What is being asked:
From the records below, copy each line that has the word "font" in it.
>>
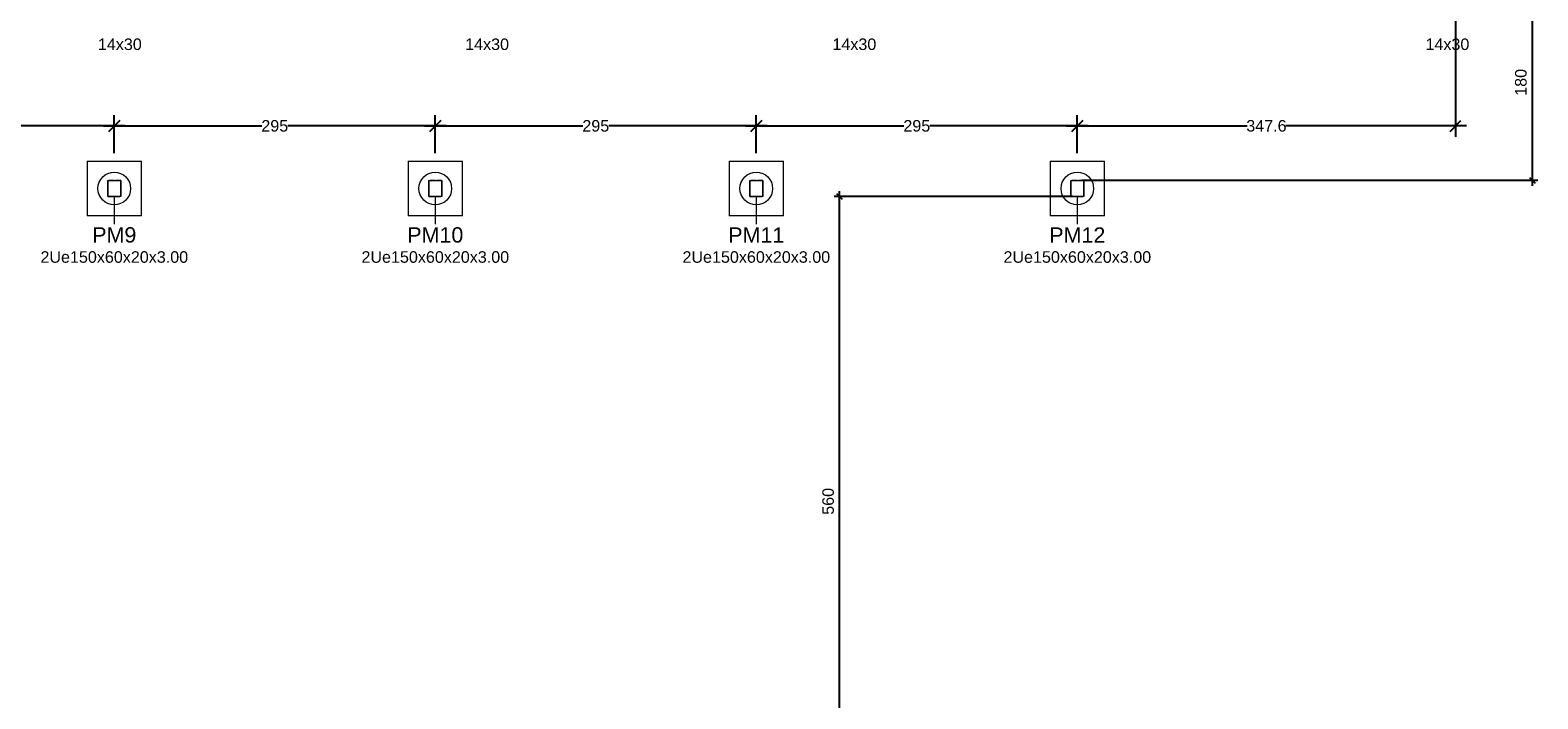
# Model space of a CAD drawing. Header units: millimetres. Extents: x 10906 to 25863, y 1966 to 4861.
# Tile 42 of 163: x 11169 to 11196, y 2952 to 2964. Entities that reach past the tile are written whole.
import ezdxf

# ---------------------------------------------------------------- set-up
doc = ezdxf.new("R2010")
doc.units = ezdxf.units.MM
doc.linetypes.add('DOT2', pattern=[3.175, 0, -3.175])
for name, color, linetype, lineweight in [('FO-Cotas', 4, 'Continuous', 5), ('FO-Estacas dos blocos', 1, 'Continuous', 20), ('FO-Pilares genéricos', 30, 'Continuous', 5), ('FO-Seção das fundações', 7, 'Continuous', 5), ('FO-Textos dos pilares', 7, 'Continuous', 5)]:
    doc.layers.add(name, color=color, linetype=linetype, lineweight=lineweight)
doc.styles.add('Arial', font='arial.ttf')
doc.styles.get("Standard").update_dxf_attribs({"font": 'arial.ttf'})
doc.dimstyles.new('UM_50.000000', dxfattribs={"dimtxt": 0.18, "dimasz": 0.2, "dimexe": 0.2, "dimexo": 0.5, "dimgap": 0, "dimtad": 1, "dimtih": 1, "dimtoh": 1, "dimlfac": 50, "dimzin": 0, "dimdsep": 46, "dimtxsty": 'Standard', "dimcen": 0.09, "dimdle": 0.2, "dimclrd": 256, "dimclre": 256, "dimclrt": 7, "dimazin": 0, "dimtfac": 1, "dimtofl": 0, "dimtmove": 0, "dimatfit": 3, "dimfxl": 1, "dimtolj": 1, "dimtzin": 0, "dimarcsym": 0})

# ---------------------------------------------------------------- blocks, each defined once
blk = doc.blocks.new('_Oblique')
at = {"color": 0, "linetype": 'ByBlock', "lineweight": -2}
blk.add_line((-0.5, -0.5), (0.5, 0.5), dxfattribs=at)
blk = doc.blocks.new('*D38')
at = {"layer": 'Defpoints', "color": 0, "transparency": 16777216}
for p in [(11183.658, 2961.118), (11188.14, 2961.118), (11182.012, 2949.918)]:
    blk.add_point(p, dxfattribs=at)
at = {"layer": 'FO-Cotas', "lineweight": -2, "transparency": 16777216}
for p, q in [((11183.658, 2949.818), (11183.658, 2961.218)), ((11187.94, 2961.118), (11183.558, 2961.118)), ((11182.212, 2949.918), (11183.758, 2949.918))]:
    blk.add_line(p, q, dxfattribs=at)
at = {"layer": 'FO-Cotas', "lineweight": -2, "transparency": 16777216, "xscale": 0.1, "yscale": 0.1, "zscale": 0.1}
for p, rotation in [((11183.658, 2961.118), 90), ((11183.658, 2949.918), 270)]:
    blk.add_blockref('_Oblique', p, dxfattribs=dict(at, rotation=rotation))
at = {"layer": 'FO-Cotas', "color": 7, "transparency": 16777216, "insert": (11183.447, 2955.518), "char_height": 0.2118, "attachment_point": 5, "rotation": 90, "style": 'Arial'}
blk.add_mtext('\\A1;560', dxfattribs=at)
blk = doc.blocks.new('*D39')
at = {"layer": 'Defpoints', "color": 0, "transparency": 16777216}
for p in [(11194.978, 2965.018), (11196.39, 2965.018), (11187.912, 2961.418)]:
    blk.add_point(p, dxfattribs=at)
at = {"layer": 'FO-Cotas', "lineweight": -2, "transparency": 16777216}
for p, q in [((11195.178, 2965.018), (11196.49, 2965.018)), ((11196.39, 2961.318), (11196.39, 2965.118)), ((11188.112, 2961.418), (11196.49, 2961.418))]:
    blk.add_line(p, q, dxfattribs=at)
at = {"layer": 'FO-Cotas', "lineweight": -2, "transparency": 16777216, "xscale": 0.1, "yscale": 0.1, "zscale": 0.1}
for p, rotation in [((11196.39, 2965.018), 90), ((11196.39, 2961.418), 270)]:
    blk.add_blockref('_Oblique', p, dxfattribs=dict(at, rotation=rotation))
at = {"layer": 'FO-Cotas', "color": 7, "transparency": 16777216, "insert": (11196.179, 2963.218), "char_height": 0.2118, "attachment_point": 5, "rotation": 90, "style": 'Arial'}
blk.add_mtext('\\A1;180', dxfattribs=at)
blk = doc.blocks.new('*D47')
at = {"layer": 'Defpoints', "color": 0, "transparency": 16777216}
for p in [(11182.126, 2962.418), (11182.126, 2961.418), (11188.026, 2961.418)]:
    blk.add_point(p, dxfattribs=at)
at = {"layer": 'FO-Cotas', "lineweight": -2, "transparency": 16777216}
for p, q in [((11182.126, 2961.918), (11182.126, 2962.618)), ((11188.026, 2961.918), (11188.026, 2962.618)), ((11181.926, 2962.418), (11184.84, 2962.418)), ((11188.226, 2962.418), (11185.313, 2962.418))]:
    blk.add_line(p, q, dxfattribs=at)
at = {"layer": 'FO-Cotas', "lineweight": -2, "transparency": 16777216, "xscale": 0.2, "yscale": 0.2, "zscale": 0.2, "rotation": 180}
blk.add_blockref('_Oblique', (11182.126, 2962.418), dxfattribs=at)
at = {"layer": 'FO-Cotas', "lineweight": -2, "transparency": 16777216, "xscale": 0.2, "yscale": 0.2, "zscale": 0.2}
blk.add_blockref('_Oblique', (11188.026, 2962.418), dxfattribs=at)
at = {"layer": 'FO-Cotas', "color": 7, "transparency": 16777216, "insert": (11185.076, 2962.418), "char_height": 0.2118, "attachment_point": 5, "rotation": 0.0057, "style": 'Arial'}
blk.add_mtext('\\A1;295', dxfattribs=at)
blk = doc.blocks.new('*D48')
at = {"layer": 'Defpoints', "color": 0, "transparency": 16777216}
for p in [(11176.226, 2962.418), (11176.226, 2961.418), (11182.126, 2961.418)]:
    blk.add_point(p, dxfattribs=at)
at = {"layer": 'FO-Cotas', "lineweight": -2, "transparency": 16777216}
for p, q in [((11176.226, 2961.918), (11176.226, 2962.618)), ((11182.126, 2961.918), (11182.126, 2962.618)), ((11176.026, 2962.418), (11178.94, 2962.418)), ((11182.326, 2962.418), (11179.413, 2962.418))]:
    blk.add_line(p, q, dxfattribs=at)
at = {"layer": 'FO-Cotas', "lineweight": -2, "transparency": 16777216, "xscale": 0.2, "yscale": 0.2, "zscale": 0.2, "rotation": 180}
blk.add_blockref('_Oblique', (11176.226, 2962.418), dxfattribs=at)
at = {"layer": 'FO-Cotas', "lineweight": -2, "transparency": 16777216, "xscale": 0.2, "yscale": 0.2, "zscale": 0.2}
blk.add_blockref('_Oblique', (11182.126, 2962.418), dxfattribs=at)
at = {"layer": 'FO-Cotas', "color": 7, "transparency": 16777216, "insert": (11179.176, 2962.418), "char_height": 0.2118, "attachment_point": 5, "rotation": 0.0057, "style": 'Arial'}
blk.add_mtext('\\A1;295', dxfattribs=at)
blk = doc.blocks.new('*D49')
at = {"layer": 'Defpoints', "color": 0, "transparency": 16777216}
for p in [(11170.326, 2962.418), (11170.326, 2961.418), (11176.226, 2961.418)]:
    blk.add_point(p, dxfattribs=at)
at = {"layer": 'FO-Cotas', "lineweight": -2, "transparency": 16777216}
for p, q in [((11170.326, 2961.918), (11170.326, 2962.618)), ((11176.226, 2961.918), (11176.226, 2962.618)), ((11170.126, 2962.418), (11173.04, 2962.418)), ((11176.426, 2962.418), (11173.513, 2962.418))]:
    blk.add_line(p, q, dxfattribs=at)
at = {"layer": 'FO-Cotas', "lineweight": -2, "transparency": 16777216, "xscale": 0.2, "yscale": 0.2, "zscale": 0.2, "rotation": 180}
blk.add_blockref('_Oblique', (11170.326, 2962.418), dxfattribs=at)
at = {"layer": 'FO-Cotas', "lineweight": -2, "transparency": 16777216, "xscale": 0.2, "yscale": 0.2, "zscale": 0.2}
blk.add_blockref('_Oblique', (11176.226, 2962.418), dxfattribs=at)
at = {"layer": 'FO-Cotas', "color": 7, "transparency": 16777216, "insert": (11173.276, 2962.418), "char_height": 0.2118, "attachment_point": 5, "rotation": 0.0057, "style": 'Arial'}
blk.add_mtext('\\A1;295', dxfattribs=at)
blk = doc.blocks.new('*D50')
at = {"layer": 'Defpoints', "color": 0, "transparency": 16777216}
for p in [(11164.426, 2962.418), (11164.426, 2961.418), (11170.326, 2961.418)]:
    blk.add_point(p, dxfattribs=at)
at = {"layer": 'FO-Cotas', "lineweight": -2, "transparency": 16777216}
for p, q in [((11164.426, 2961.918), (11164.426, 2962.618)), ((11170.326, 2961.918), (11170.326, 2962.618)), ((11164.226, 2962.418), (11167.14, 2962.418)), ((11170.526, 2962.418), (11167.613, 2962.418))]:
    blk.add_line(p, q, dxfattribs=at)
at = {"layer": 'FO-Cotas', "lineweight": -2, "transparency": 16777216, "xscale": 0.2, "yscale": 0.2, "zscale": 0.2, "rotation": 180}
blk.add_blockref('_Oblique', (11164.426, 2962.418), dxfattribs=at)
at = {"layer": 'FO-Cotas', "lineweight": -2, "transparency": 16777216, "xscale": 0.2, "yscale": 0.2, "zscale": 0.2}
blk.add_blockref('_Oblique', (11170.326, 2962.418), dxfattribs=at)
at = {"layer": 'FO-Cotas', "color": 7, "transparency": 16777216, "insert": (11167.376, 2962.418), "char_height": 0.2118, "attachment_point": 5, "rotation": 0.0057, "style": 'Arial'}
blk.add_mtext('\\A1;295', dxfattribs=at)
blk = doc.blocks.new('*D59')
at = {"layer": 'Defpoints', "color": 0, "transparency": 16777216}
for p in [(11194.978, 2965.018), (11188.026, 2962.418), (11188.026, 2961.418)]:
    blk.add_point(p, dxfattribs=at)
at = {"layer": 'FO-Cotas', "lineweight": -2, "transparency": 16777216}
for p, q in [((11194.978, 2964.518), (11194.978, 2962.218)), ((11188.026, 2961.918), (11188.026, 2962.618)), ((11187.826, 2962.418), (11191.145, 2962.418)), ((11195.178, 2962.418), (11191.86, 2962.418))]:
    blk.add_line(p, q, dxfattribs=at)
at = {"layer": 'FO-Cotas', "lineweight": -2, "transparency": 16777216, "xscale": 0.2, "yscale": 0.2, "zscale": 0.2, "rotation": 180}
blk.add_blockref('_Oblique', (11188.026, 2962.418), dxfattribs=at)
at = {"layer": 'FO-Cotas', "lineweight": -2, "transparency": 16777216, "xscale": 0.2, "yscale": 0.2, "zscale": 0.2}
blk.add_blockref('_Oblique', (11194.978, 2962.418), dxfattribs=at)
at = {"layer": 'FO-Cotas', "color": 7, "transparency": 16777216, "insert": (11191.502, 2962.418), "char_height": 0.2118, "attachment_point": 5, "rotation": 0.0057, "style": 'Arial'}
blk.add_mtext('\\A1;347.6', dxfattribs=at)

msp = doc.modelspace()

# ---------------------------------------------------------------- linework, layer by layer
at = {"layer": 'FO-Cotas'}
for p, q in [((11170.3265, 2961.11751), (11170.3265, 2960.60919)), ((11176.2265, 2961.11751), (11176.2265, 2960.60919)), ((11182.1265, 2961.11751), (11182.1265, 2960.60919)), ((11188.0265, 2961.11751), (11188.0265, 2960.60919))]:
    msp.add_line(p, q, dxfattribs=at)
at = {"layer": 'FO-Estacas dos blocos'}
for centre in [(11170.3265, 2961.26751), (11176.2265, 2961.26751), (11182.1265, 2961.26751), (11188.0265, 2961.26751)]:
    msp.add_circle(centre, 0.3, dxfattribs=at)
at = {"layer": 'FO-Pilares genéricos'}
for points in [[(11170.4405, 2961.41751), (11170.44144, 2961.41743), (11170.44235, 2961.41721), (11170.44322, 2961.41685), (11170.44402, 2961.41636), (11170.44474, 2961.41575), (11170.44535, 2961.41503), (11170.44584, 2961.41423), (11170.4462, 2961.41336), (11170.44642, 2961.41244), (11170.4465, 2961.41151), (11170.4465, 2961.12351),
<<
Solution for this exercise:
doc.styles.add('Arial', font='arial.ttf')
doc.styles.get("Standard").update_dxf_attribs({"font": 'arial.ttf'})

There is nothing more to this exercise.